Solving a 2nd order ODE: $\frac{d^2}{dx^2}y(x)=\left(C+(1+x^2)^{-1}\right)y(x)$. I would like to solve the following ode:
$$\frac{d^2}{dx^2}y(x)=\left(C+(1+x^2)^{-1}\right)y(x),\quad x\in\mathbb{R};$$
with boundary condition $y(0)=1$. $C$ is just some constant.
I am very stuck with this. Does anyone have any suggestions of how to proceed?
 A: I am afraid that a closed form solution could not exist and that, provided a second  boundary condition, numerical method would be required.

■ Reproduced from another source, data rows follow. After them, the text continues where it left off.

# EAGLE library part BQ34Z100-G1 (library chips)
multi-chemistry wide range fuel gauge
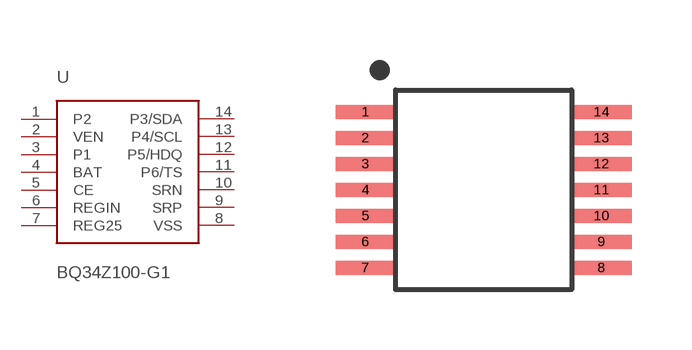
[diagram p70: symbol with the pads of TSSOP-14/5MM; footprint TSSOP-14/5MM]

Designator prefix U

## BQ34Z100-G1 (DIGIKEY: 296-39949-1-ND)  [TSSOP-14/5MM]
1  P2
2  VEN
3  P1
4  BAT
5  CE
6  REGIN
7  REG25
8  VSS
9  SRP
10  SRN
11  P6/TS
12  P5/HDQ
13  P4/SCL
14  P3/SDA

## Footprint TSSOP-14/5MM (pad centres in mm)
smd 1.5 x 0.35: 1 -2.95,1.95; 2 -2.95,1.3; 3 -2.95,0.65; 4 -2.95,0; 5 -2.95,-0.65; 6 -2.95,-1.3; 7 -2.95,-1.95; 8 2.95,-1.95; 9 2.95,-1.3; 10 2.95,-0.65; 11 2.95,0; 12 2.95,0.65; 13 2.95,1.3; 14 2.95,1.95

Even if $C=0$ the solution is far away to be simple since given by
$$y=\, _2F_1\left(-\frac{\sqrt{5}+1}{4} ,\frac{\sqrt{5}-1}{4}
   ;\frac{1}{2};-x^2\right)+c_1\, x \,\, _2F_1\left(-\frac{\sqrt{5}-1}{4},\frac{\sqrt{5}+1}{4};\frac{3}{2};-x^2\right)$$ where appear hypergeometric functions.
A: Hint:
Assume $C\neq0$ for the key case:
$\dfrac{d^2y}{dx^2}=(C+(1+x^2)^{-1})y$
$(x^2+1)\dfrac{d^2y}{dx^2}-(Cx^2+C+1)y=0$
Let $t=x^2+1$ ,
Then $\dfrac{dy}{dx}=\dfrac{dy}{dt}\dfrac{dt}{dx}=2x\dfrac{dy}{dt}$
$\dfrac{d^2y}{dx^2}=\dfrac{d}{dx}\left(2x\dfrac{dy}{dt}\right)=2x\dfrac{d}{dx}\left(\dfrac{dy}{dt}\right)+2\dfrac{dy}{dt}=2x\dfrac{d}{dt}\left(\dfrac{dy}{dt}\right)\dfrac{dt}{dx}+2\dfrac{dy}{dt}=2x\dfrac{d^2y}{dt^2}2x+2\dfrac{dy}{dt}=4x^2\dfrac{d^2y}{dt^2}+2\dfrac{dy}{dt}=4(t-1)\dfrac{d^2y}{dt^2}+2\dfrac{dy}{dt}$
$\therefore t\left(4(t-1)\dfrac{d^2y}{dt^2}+2\dfrac{dy}{dt}\right)-(Ct+1)y=0$
$4t(t-1)\dfrac{d^2y}{dt^2}+2t\dfrac{dy}{dt}-(Ct+1)y=0$
Which relates to Heun's Confluent Equation.